What this task involves: Restate word for word the entries below, starting with the line with "#3371 = VERTEX_POINT ( 'NONE', #3098 ) ;" and continuing through the line with "#3470 = CARTESIAN_POINT". Include both of those lines and no others.

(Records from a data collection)
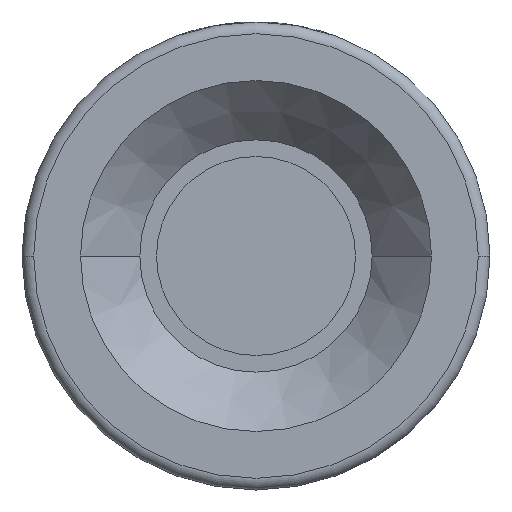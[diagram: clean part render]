
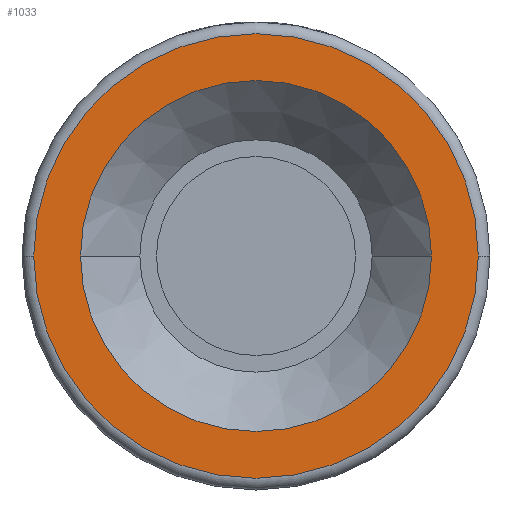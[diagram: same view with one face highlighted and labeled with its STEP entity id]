
A CAD part, front view. The second image highlights one B-rep face of the part: STEP entity #1033.
In plain terms, the highlighted planar face has unit normal (0, -1, 0).
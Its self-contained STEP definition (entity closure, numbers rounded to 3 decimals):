
#58 = CARTESIAN_POINT ( 'NONE',  ( 20., -13., 0. ) ) ;
#76 = FACE_BOUND ( 'NONE', #1018, .T. ) ;
#298 = DIRECTION ( 'NONE',  ( 1., 0., 0. ) ) ;
#450 = CIRCLE ( 'NONE', #4222, 15. ) ;
#989 = CARTESIAN_POINT ( 'NONE',  ( 0., -13., 0. ) ) ;
#1018 = EDGE_LOOP ( 'NONE', ( #2152, #1652 ) ) ;
#1033 = ADVANCED_FACE ( 'NONE', ( #3009, #76 ), #1049, .T. ) ;
#1049 = PLANE ( 'NONE',  #1755 ) ;
#1088 = ORIENTED_EDGE ( 'NONE', *, *, #3742, .T. ) ;
#1099 = CIRCLE ( 'NONE', #1645, 15. ) ;
#1136 = CIRCLE ( 'NONE', #3330, 19. ) ;
#1143 = AXIS2_PLACEMENT_3D ( 'NONE', #3470, #3403, #1838 ) ;
#1172 = EDGE_CURVE ( 'NONE', #2877, #2969, #1099, .T. ) ;
#1316 = DIRECTION ( 'NONE',  ( 0., -1., 0. ) ) ;
#1629 = CARTESIAN_POINT ( 'NONE',  ( 0., -13., 0. ) ) ;
#1645 = AXIS2_PLACEMENT_3D ( 'NONE', #1629, #2945, #4251 ) ;
#1652 = ORIENTED_EDGE ( 'NONE', *, *, #3214, .F. ) ;
#1755 = AXIS2_PLACEMENT_3D ( 'NONE', #58, #2362, #3046 ) ;
#1767 = DIRECTION ( 'NONE',  ( 0., -1., 0. ) ) ;
#1838 = DIRECTION ( 'NONE',  ( 1., 0., 0. ) ) ;
#2019 = CARTESIAN_POINT ( 'NONE',  ( -15., -13., 0. ) ) ;
#2152 = ORIENTED_EDGE ( 'NONE', *, *, #1172, .F. ) ;
#2362 = DIRECTION ( 'NONE',  ( 0., -1., 0. ) ) ;
#2379 = CIRCLE ( 'NONE', #1143, 19. ) ;
#2846 = CARTESIAN_POINT ( 'NONE',  ( -19., -13., 0. ) ) ;
#2877 = VERTEX_POINT ( 'NONE', #3083 ) ;
#2935 = EDGE_CURVE ( 'NONE', #3371, #4027, #1136, .T. ) ;
#2945 = DIRECTION ( 'NONE',  ( 0., -1., 0. ) ) ;
#2969 = VERTEX_POINT ( 'NONE', #2019 ) ;
#3009 = FACE_OUTER_BOUND ( 'NONE', #3591, .T. ) ;
#3046 = DIRECTION ( 'NONE',  ( 1., 0., 0. ) ) ;
#3083 = CARTESIAN_POINT ( 'NONE',  ( 15., -13., 0. ) ) ;
#3098 = CARTESIAN_POINT ( 'NONE',  ( 19., -13., 0. ) ) ;
#3214 = EDGE_CURVE ( 'NONE', #2969, #2877, #450, .T. ) ;
#3330 = AXIS2_PLACEMENT_3D ( 'NONE', #3425, #1767, #4001 ) ;
#3366 = ORIENTED_EDGE ( 'NONE', *, *, #2935, .T. ) ;
#3371 = VERTEX_POINT ( 'NONE', #3098 ) ;
#3403 = DIRECTION ( 'NONE',  ( 0., -1., 0. ) ) ;
#3425 = CARTESIAN_POINT ( 'NONE',  ( 0., -13., 0. ) ) ;
#3470 = CARTESIAN_POINT ( 'NONE',  ( 0., -13., 0. ) ) ;
#3591 = EDGE_LOOP ( 'NONE', ( #3366, #1088 ) ) ;
#3742 = EDGE_CURVE ( 'NONE', #4027, #3371, #2379, .T. ) ;
#4001 = DIRECTION ( 'NONE',  ( 1., 0., 0. ) ) ;
#4027 = VERTEX_POINT ( 'NONE', #2846 ) ;
#4222 = AXIS2_PLACEMENT_3D ( 'NONE', #989, #1316, #298 ) ;
#4251 = DIRECTION ( 'NONE',  ( 1., 0., 0. ) ) ;

Reply to the exercise:
#3371 = VERTEX_POINT ( 'NONE', #3098 ) ;
#3403 = DIRECTION ( 'NONE',  ( 0., -1., 0. ) ) ;
#3425 = CARTESIAN_POINT ( 'NONE',  ( 0., -13., 0. ) ) ;
#3470 = CARTESIAN_POINT ( 'NONE',  ( 0., -13., 0. ) ) ;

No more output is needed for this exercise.